Fake News Detection Using Logistic Regression & Decision Tree Classifier

Supervised Machine Learning for detecting fake or real news

Published in

Courage to Write

4 min readJul 6, 2024

Rapid changes in the digital world can create new problem, one of which is related to fake news that can endanger social life. That’s why, we need a fake news detection machine to detect the news as early as possible so that it doesn’t spread quickly. With a lot of data that has been spread widely on the internet, we can make a supervised machine learning that has been previously trained to simplify and speed up the fake news detection process.

In this project, we tried to use two method for classifying the news, logistic regression and decision tree. Logistic regression will produce a probability value between 0 and 1 (in this case is “0” for “fake” and “1” for “real” news), or we can call it as binary classification. This logistic regression has sigmoid function with threshold value of 0.5. This mathematical function will determine whether the classification falls into “0” or “1” (more about logistic regression: here).

We also used decision tree to compare the classification accuracy. Decision tree is widely used in machine learning — especially data classification. This method will provide a decision or classification based on the previous trained data by modelling the relationship between different variables (more about decision tree: here)

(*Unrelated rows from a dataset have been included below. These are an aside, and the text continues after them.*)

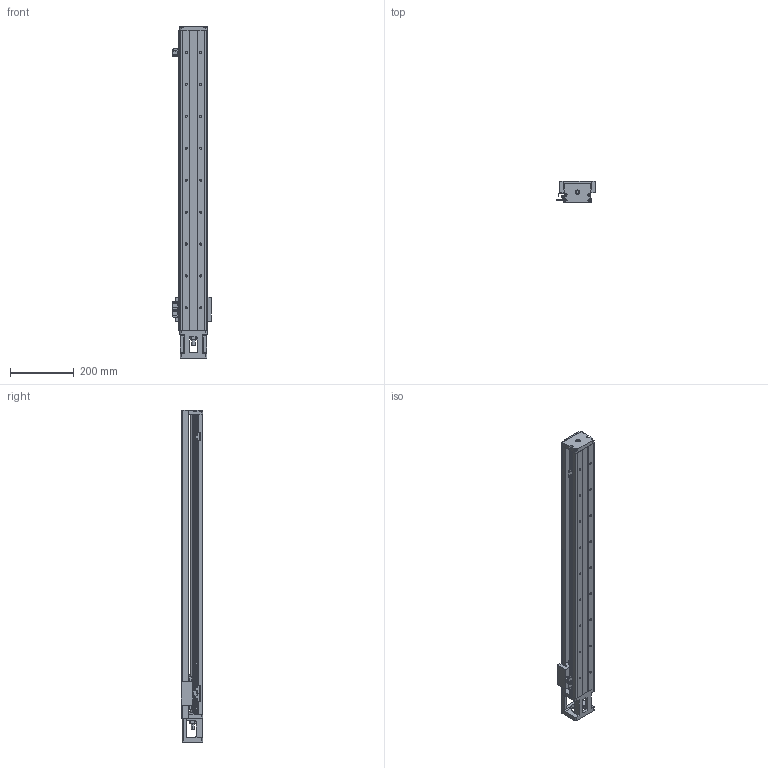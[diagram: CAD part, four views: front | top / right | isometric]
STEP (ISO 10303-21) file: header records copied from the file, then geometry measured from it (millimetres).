
FILE_DESCRIPTION (( 'STEP AP203' ), '1' );
FILE_NAME ('KH86D10C-940A1-F0CS0.STEP', '2023-12-28T09:59:54', ( '' ), ( '' ), 'SwSTEP 2.0', 'SolidWorks 2016', '' );
FILE_SCHEMA (( 'CONFIG_CONTROL_DESIGN' ));
Length unit declared in the file: millimetre
Products named in the file (35): 86賑輸; KK86-蛌諉釱; 囀鞠褒す埴芛蹟隊M4℅10; 囀鞠褒す埴芛蹟隊M3℅4; ヶ盓釱; KH86-綴釱_KK86-05-01; KK60-08-01; 囀鞠褒す埴芛蹟隊M3℅5; KH86-01-940; KH86-04-05-02; 鞠褒蹟譫M3; KH86-A1; KH86D10C-940A1-F0CS0
Assembly tree (23 placements, depth 3):
  86賑輸
  囀鞠褒す埴芛蹟隊M4℅10
  囀鞠褒す埴芛蹟隊M4℅10
  囀鞠褒す埴芛蹟隊M3℅4
  囀鞠褒す埴芛蹟隊M3℅4
Bounding box: 121 x 68 x 1040 mm (x, y, z)
Volume: 2501572.7 mm3; surface area: 692821.7 mm2
Topology: 25 solids, 26 shells, 1079 faces, 2746 edges, 1711 vertices
Faces by surface type: cylinder 413, plane 396, cone 234, bspline 36
Entity records: 29224 total; most frequent: CARTESIAN_POINT 5742, DIRECTION 4293, ORIENTED_EDGE 4158, EDGE_CURVE 2079, AXIS2_PLACEMENT_3D 1584, VERTEX_POINT 1362, VECTOR 1125, LINE 1125

Installations and Libraries

Before we’re going through the code, here’s some packages libraries that should be installed and imported first:

# Installing Packages

!pip install pandas
!pip isntall seaborn
!pip install Matplotlib
!pip install tqdm
!pip install nltk
!pip install wordcloud

# Importing Libraries

import pandas as pd 
import seaborn as sns 
import matplotlib.pyplot as plt

Datasets and Gist Codes

Datasets

Then, we need to download the dataset on our local repository. The dataset contains various news from many fields, such as politics, health, and others. In this project, we’ll use the health news, politics news, and all news as data train. Here are the variations of data train-test that we’ll collect:

All news as data train and politics news as data test
All news as data train and health news as data test
Politics news as data train and data test
Health news as data train and data test
Politics news as data train and health news as data test
Health news as data train and politics news as data test

Dataset can be downloaded: here

To prevent data bias in data training, we should train the fake news data dan real news data with the same amount (we’ll drop the remaining data that’s too much).

Gist Codes

Gist code for all news as data training: here

Gist code for health as data training: here

Gist code for politics as data training: here

Results and Analysis

After training all news data, politics news data, and health news data, we can find the accuracy of classifier model as stated below.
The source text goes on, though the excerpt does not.